__EXERCISE INSTRUCTIONS__.
Omit all pictures. Print the remaining lines exactly, from the start of the data through the line containing "doc.units = 0".

┌─ RECORDS PROVIDED

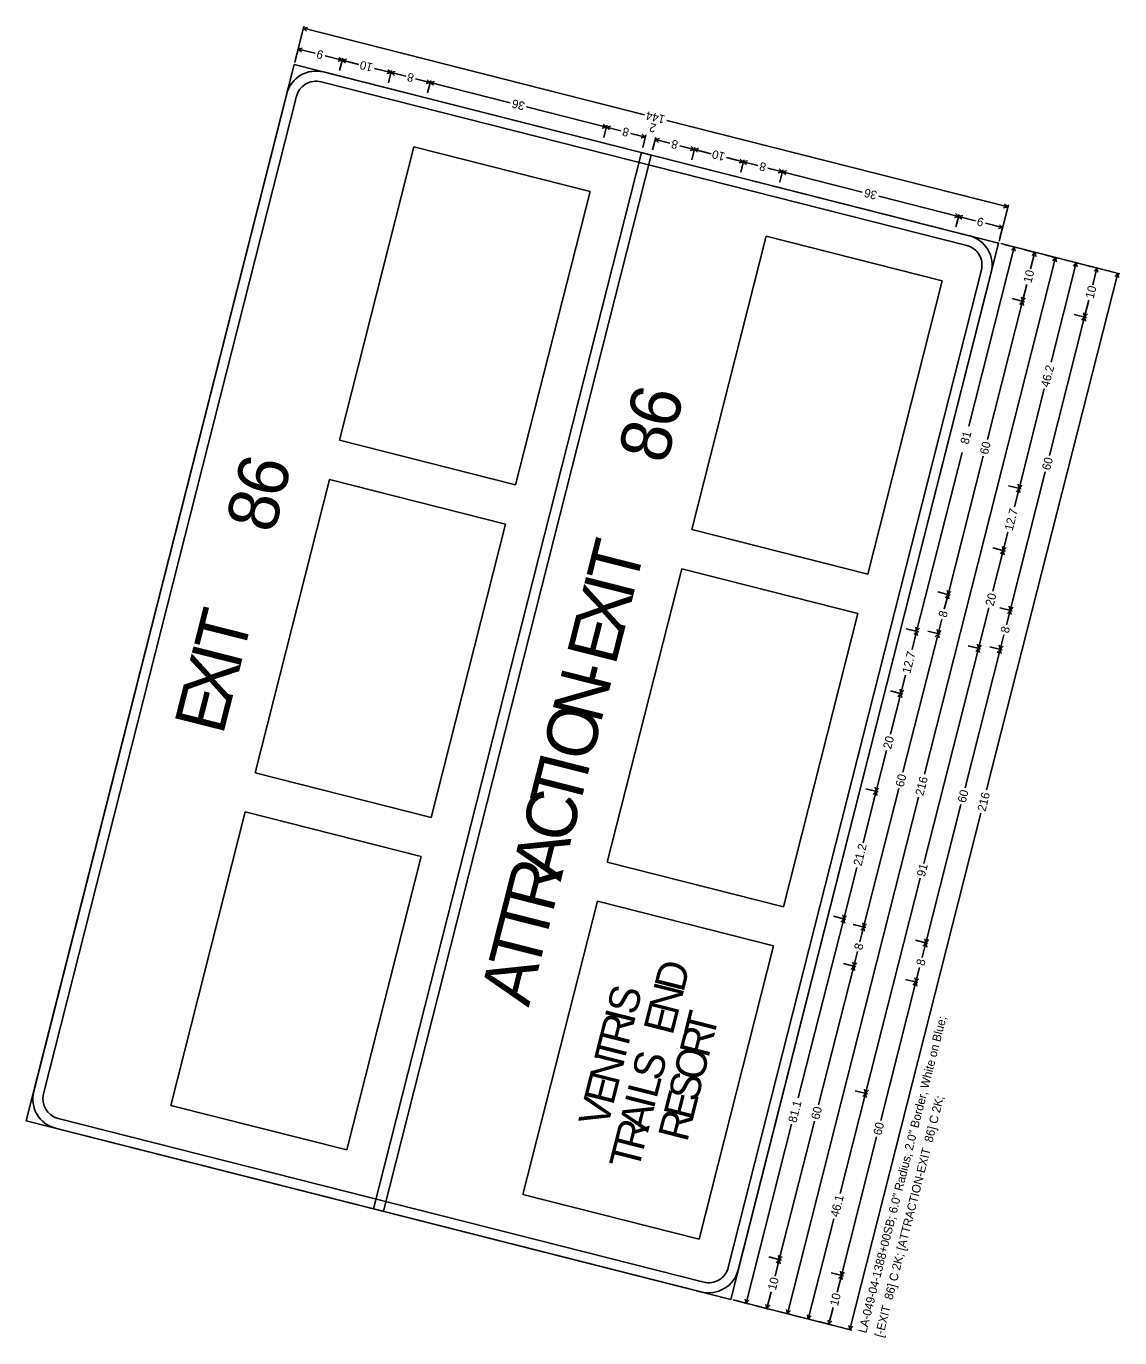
# Model space of a CAD drawing. Extents: x 670257 to 671518, y 737783 to 738188.
# Drawn here: x 671049.35 to 671080.95, y 737924.15 to 737962.06 of the extents above; entities that cross this region are included whole.
import ezdxf

# ---------------------------------------------------------------- set-up
doc = ezdxf.new("R2010")
doc.units = 0
doc.layers.add('R_SIGN', color=7, linetype='Continuous')

msp = doc.modelspace()

# ---------------------------------------------------------------- linework, layer by layer
at = {"layer": 'R_SIGN'}
for p, q in [((671057.374, 737962.064), (671057.108, 737961.017)), ((671057.479, 737962.031), (671057.358, 737962.004)), ((671067.215, 737959.505), (671057.358, 737962.004)), ((671057.452, 737961.924), (671057.358, 737962.004)), ((671057.222, 737961.466), (671057.131, 737961.107)), ((671057.327, 737961.433), (671057.207, 737961.406)), ((671057.701, 737961.281), (671057.207, 737961.406)), ((671057.3, 737961.326), (671057.207, 737961.406)), ((671057.985, 737961.209), (671058.479, 737961.084)), ((671058.386, 737961.164), (671058.479, 737961.084)), ((671058.494, 737961.143), (671058.403, 737960.784)), ((671058.6, 737961.11), (671058.479, 737961.084)), ((671058.358, 737961.057), (671058.479, 737961.084)), ((671058.96, 737960.962), (671058.479, 737961.084)), ((671058.572, 737961.003), (671058.479, 737961.084)), ((671059.412, 737960.847), (671059.893, 737960.725)), ((671059.772, 737960.699), (671059.893, 737960.725)), ((671059.799, 737960.806), (671059.893, 737960.725)), ((671059.908, 737960.785), (671059.817, 737960.426)), ((671060.013, 737960.751), (671059.893, 737960.725)), ((671060.316, 737960.618), (671059.893, 737960.725)), ((671059.986, 737960.644), (671059.893, 737960.725)), ((671060.6, 737960.546), (671061.023, 737960.438)), ((671060.903, 737960.412), (671061.023, 737960.438)), ((671060.93, 737960.519), (671061.023, 737960.438)), ((671061.039, 737960.498), (671060.948, 737960.139)), ((671061.144, 737960.465), (671061.023, 737960.438)), ((671063.33, 737959.853), (671061.023, 737960.438)), ((671061.117, 737960.358), (671061.023, 737960.438)), ((671063.806, 737959.732), (671066.112, 737959.148)), ((671066.019, 737959.228), (671066.112, 737959.148)), ((671066.127, 737959.207), (671066.036, 737958.848)), ((671067.857, 737959.342), (671077.714, 737956.842)), ((671065.992, 737959.121), (671066.112, 737959.148)), ((671066.233, 737959.174), (671066.112, 737959.148)), ((671066.535, 737959.04), (671066.112, 737959.148)), ((671066.206, 737959.067), (671066.112, 737959.148)), ((671066.82, 737958.968), (671067.243, 737958.861)), ((671067.123, 737958.834), (671067.243, 737958.861)), ((671067.15, 737958.941), (671067.243, 737958.861)), ((671067.258, 737958.921), (671067.167, 737958.562)), ((671067.541, 737958.849), (671067.45, 737958.49)), ((671058.4, 737950.095), (671060.551, 737958.576)), ((671060.551, 737958.576), (671065.64, 737957.285)), ((671067.646, 737958.816), (671067.526, 737958.789)), ((671067.949, 737958.682), (671067.526, 737958.789)), ((671067.619, 737958.708), (671067.526, 737958.789)), ((671068.234, 737958.61), (671068.657, 737958.502)), ((671068.536, 737958.476), (671068.657, 737958.502)), ((671068.563, 737958.583), (671068.657, 737958.502)), ((671068.672, 737958.562), (671068.581, 737958.203)), ((671068.777, 737958.529), (671068.657, 737958.502)), ((671069.138, 737958.38), (671068.657, 737958.502)), ((671068.75, 737958.422), (671068.657, 737958.502)), ((671069.589, 737958.266), (671070.07, 737958.144)), ((671069.95, 737958.117), (671070.07, 737958.144)), ((671069.977, 737958.224), (671070.07, 737958.144)), ((671070.085, 737958.204), (671069.994, 737957.845)), ((671070.191, 737958.17), (671070.07, 737958.144)), ((671070.493, 737958.036), (671070.07, 737958.144)), ((671070.164, 737958.063), (671070.07, 737958.144)), ((671070.778, 737957.964), (671071.201, 737957.857)), ((671071.081, 737957.831), (671071.201, 737957.857)), ((671071.108, 737957.938), (671071.201, 737957.857)), ((671071.216, 737957.917), (671071.125, 737957.558)), ((671071.322, 737957.883), (671071.201, 737957.857)), ((671073.507, 737957.272), (671071.201, 737957.857)), ((671071.295, 737957.776), (671071.201, 737957.857)), ((671065.64, 737957.285), (671063.489, 737948.804)), ((671073.984, 737957.151), (671076.29, 737956.566)), ((671077.621, 737956.923), (671077.714, 737956.842)), ((671076.17, 737956.54), (671076.29, 737956.566)), ((671076.197, 737956.647), (671076.29, 737956.566)), ((671076.305, 737956.626), (671076.214, 737956.267)), ((671076.305, 737956.626), (671076.214, 737956.267)), ((671076.411, 737956.593), (671076.29, 737956.566)), ((671076.784, 737956.441), (671076.29, 737956.566)), ((671076.384, 737956.486), (671076.29, 737956.566)), ((671077.729, 737956.902), (671077.464, 737955.855)), ((671077.593, 737956.816), (671077.714, 737956.842)), ((671077.068, 737956.369), (671077.562, 737956.244)), ((671077.442, 737956.217), (671077.562, 737956.244)), ((671077.469, 737956.324), (671077.562, 737956.244)), ((671077.577, 737956.303), (671077.486, 737955.944)), ((671068.578, 737947.513), (671070.729, 737955.995)), ((671070.729, 737955.995), (671075.818, 737954.704)), ((671076.585, 737950.508), (671077.897, 737955.681)), ((671080.948, 737954.907), (671077.508, 737955.78)), ((671077.957, 737955.666), (671077.598, 737955.757)), ((671077.817, 737955.588), (671077.897, 737955.681)), ((671077.924, 737955.561), (671077.897, 737955.681)), ((671078.555, 737955.514), (671078.196, 737955.605)), ((671078.373, 737955.049), (671078.495, 737955.529)), ((671078.415, 737955.436), (671078.495, 737955.529)), ((671078.522, 737955.409), (671078.495, 737955.529)), ((671079.154, 737955.362), (671078.795, 737955.454)), ((671075.307, 737940.448), (671079.094, 737955.378)), ((671078.963, 737952.35), (671079.692, 737955.226)), ((671079.013, 737955.284), (671079.094, 737955.378)), ((671079.12, 737955.257), (671079.094, 737955.378)), ((671079.752, 737955.211), (671079.393, 737955.302)), ((671079.611, 737955.132), (671079.692, 737955.226)), ((671079.718, 737955.105), (671079.692, 737955.226)), ((671080.35, 737955.059), (671079.991, 737955.15)), ((671080.168, 737954.593), (671080.29, 737955.074)), ((671080.21, 737954.981), (671080.29, 737955.074)), ((671080.317, 737954.954), (671080.29, 737955.074)), ((671075.818, 737954.704), (671073.667, 737946.223)), ((671077.102, 737939.993), (671080.889, 737954.922)), ((671080.808, 737954.829), (671080.889, 737954.922)), ((671080.915, 737954.802), (671080.889, 737954.922)), ((671078.259, 737954.597), (671078.137, 737954.116)), ((671077.122, 737950.113), (671078.137, 737954.116)), ((671078.197, 737954.101), (671077.838, 737954.192)), ((671078.197, 737954.101), (671077.838, 737954.192)), ((671078.056, 737954.022), (671078.137, 737954.116)), ((671078.111, 737954.236), (671078.137, 737954.116)), ((671078.218, 737954.209), (671078.137, 737954.116)), ((671078.163, 737953.995), (671078.137, 737954.116)), ((671080.054, 737954.142), (671079.932, 737953.661)), ((671078.916, 737949.658), (671079.932, 737953.661)), ((671079.992, 737953.645), (671079.633, 737953.736)), ((671079.992, 737953.645), (671079.633, 737953.736)), ((671079.851, 737953.567), (671079.932, 737953.661)), ((671079.905, 737953.781), (671079.932, 737953.661)), ((671080.012, 737953.754), (671079.932, 737953.661)), ((671079.958, 737953.54), (671079.932, 737953.661)), ((671078.767, 737951.578), (671078.037, 737948.702)), ((671063.489, 737948.804), (671058.4, 737950.095)), ((671076.391, 737949.743), (671075.079, 737944.57)), ((671077.001, 737949.637), (671075.986, 737945.634)), ((671055.962, 737940.482), (671058.113, 737948.964)), ((671058.113, 737948.964), (671063.202, 737947.673)), ((671078.796, 737949.182), (671077.781, 737945.179)), ((671078.097, 737948.687), (671077.738, 737948.778)), ((671078.097, 737948.687), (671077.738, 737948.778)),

└─

__RESPONSE__.
# Model space of a CAD drawing. Extents: x 670257 to 671518, y 737783 to 738188.
# Drawn here: x 671049.35 to 671080.95, y 737924.15 to 737962.06 of the extents above; entities that cross this region are included whole.
import ezdxf

# ---------------------------------------------------------------- set-up
doc = ezdxf.new("R2010")
doc.units = 0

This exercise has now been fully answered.